Republic shares, which offer a 3% dividend yield, appear reasonably price at 21.2 times trailing earnings and 15.9 times forward earnings, given the company's strong competitive position and favorable outlook.
Susquehanna Bancshares (NASDAQ: SUSQ) is a promising Mid-Atlantic financial-services company. Through the recovery, it has grown assets from around $14 billion in 2009 to more than $18 billion at the end of 2013. Thanks to an improving economy, Susquehanna was able to report record earnings last year. Net income rose 23% year over year to $173.7 million, helped by a focus on cost. The bank undertook a branch consolidation plan in which 14 locations were closed and 30 properties were sold and leased back. The resulting savings are expected to support increased lending, additional investing, and the payment of debt.
Offering a dividend yield near 2.8%, the banking firm looks attractively priced at around 12.2 times trailing earnings and 1.5 times tangible book value. Tangible book value -- i.e., a bank's net asset value after all intangible assets are subtracted -- is a common financial-services valuation benchmark.

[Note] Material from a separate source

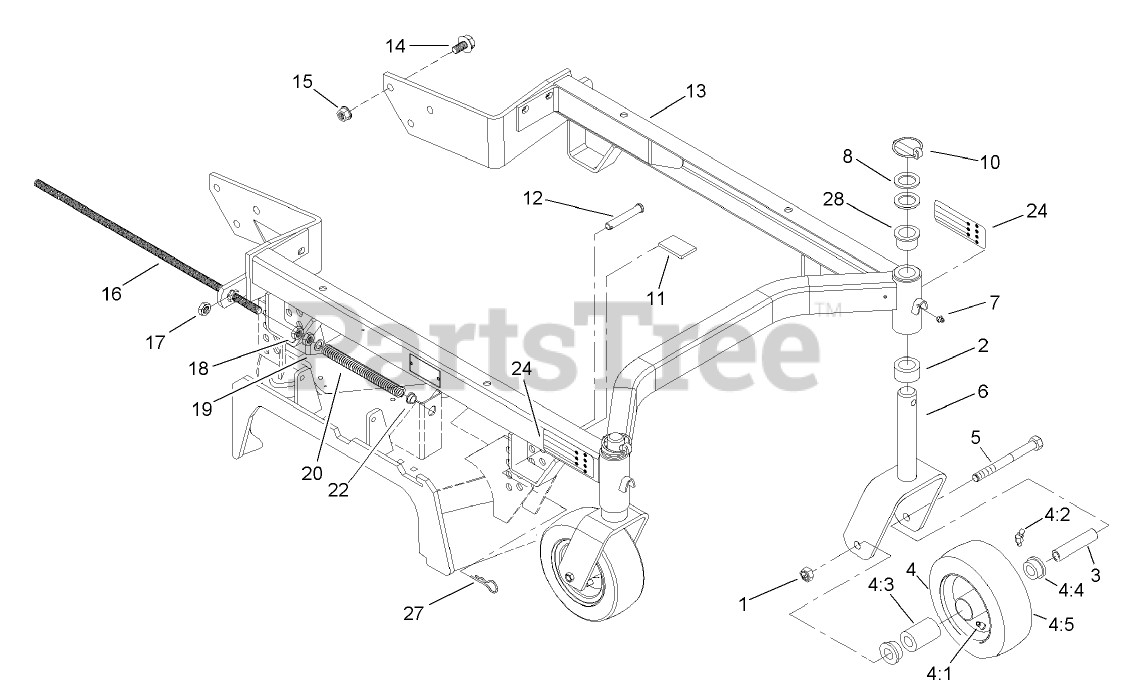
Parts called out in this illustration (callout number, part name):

Susquehanna Bancshares' peers have noticeably higher valuations. Webster Financial, a Northeastern financial with about $21 billion in assets, trades at 16.1 times trailing earnings and 1.8 times tangible book value. Regional competitor United Bankshares trades around 17.6 times earnings and 2.3 times tangible book value, while rival financial-services giant M&T Bank Corporation, with more than $88 billion in assets, is priced around 14.4 times earnings and 1.9 times tangible book value.

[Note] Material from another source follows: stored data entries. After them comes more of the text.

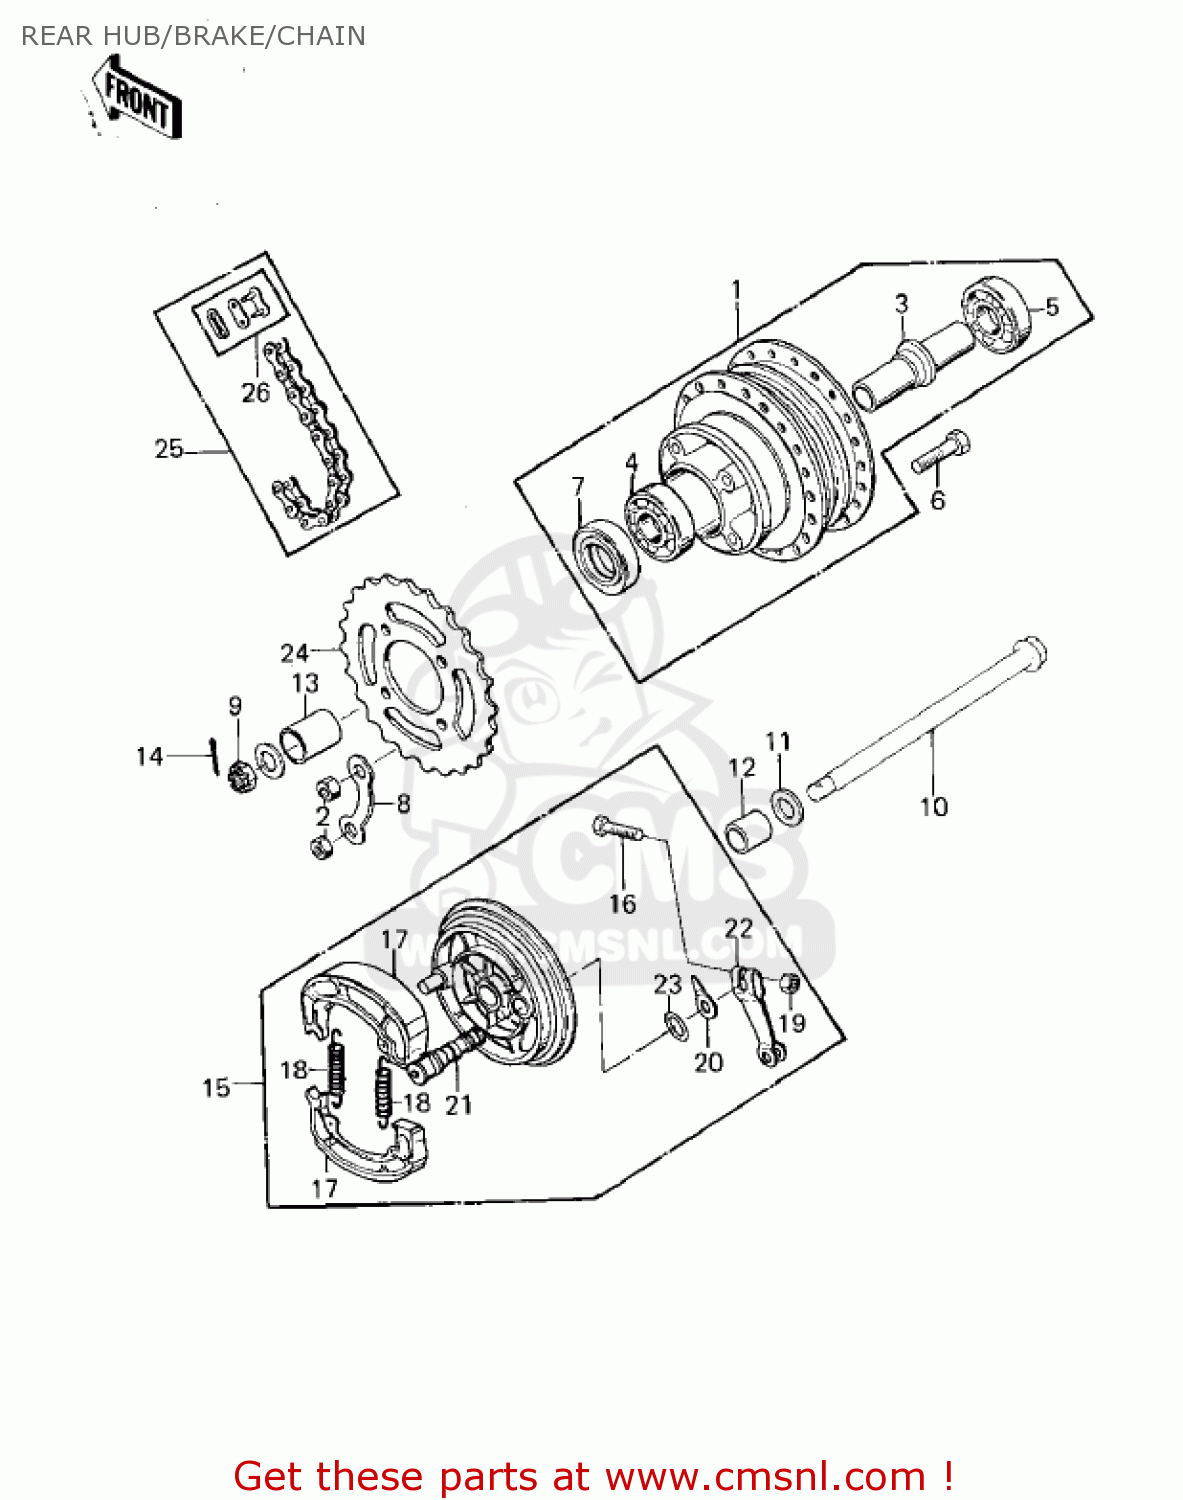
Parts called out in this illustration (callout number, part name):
1	DRUM ASSY,RR BRK,BUFF
2	NUT,8MM
3	COLLAR,L=85
4	BEARING-BALL,#6301C3
5	BEARING-BALL,#6301ZC3
6	BOLT-REAR SPROCKET
7	OIL SEAL-RR BRK DRUM
8	WASHER,SPROCKET LOCK
9	NUT-CASTLE
10	AXLE,12X206
11	WASHER-PLAIN,12MM
12	COLLAR,12.2X22X30.5
13	COLLAR,L=14
14	PIN-COTTER,3.0X25
15	PANEL ASSY,REAR BRAKE
16	BOLT-UPSET
17	SHOE-BRAKE (NAS)
18	SPRING,BRAKE SHOE
19	NUT,6MM
20	INDICATOR,BRAKE SHOE
21	CAM-BRAKE
22	LEVER-BRAKE CAM
23	RING-O,BRAKE CAM
24	REAR SPROCKET 39T
25	DRIVE CHAIN,EK428 98L
26	JOINT-CHAIN,EK428-G

Food distributor and grocery store chain SpartanNash (NASDAQ:SPTN), formerly known as Spartan Stores, was created from a Spartan Stores and Nash Finch Company merger last year. The combination looks beneficial. Its increased size should provide additional business opportunities, and cost cuts appear meaningful: The company expects synergistic savings to top $100 million over the next three years.
By revenue, SpartanNash is the nation's largest supplier of food to military commissaries and exchanges. It's also positioning itself for further growth: A major store remodeling and branding project, two new stores in growing markets, and a military distribution-center expansion are all planned for this year. The company is also making sure legacy locations deliver adequate returns. Up to 10 underperforming stores could be closed in 2014.
"We are making excellent progress in combining our retail, food distribution, and military distribution businesses," said CEO Dennis Eidson during last month's Q3 earnings conference call. "We continue to expect synergies of approximately $20 million, $35 million, and $52 million in fiscal years 2014, '15, and '16, respectively."
Based on expected 2014 adjusted EBITDA, SpartanNash has an enterprise value of 6.2 times EBITDA -- a seemingly reasonable multiple, given the cost savings and growth potential provided by the merger. The company's decent 2.1% dividend yield also adds to the shares appeal.
Evidence suggests that some market participants will always have a decided advantage. But it does not mean an individual investor needs to suffer from a "rigged" playing field. History has also shown that buying good companies at good prices -- possibly including Republic Services, Susquehanna Bancshares, and SpartanNash -- can generate gains even in the shadiest of environments. While investors may not garner Hetty Green-like fortunes, those who look for and find good value in the market will profit in the end.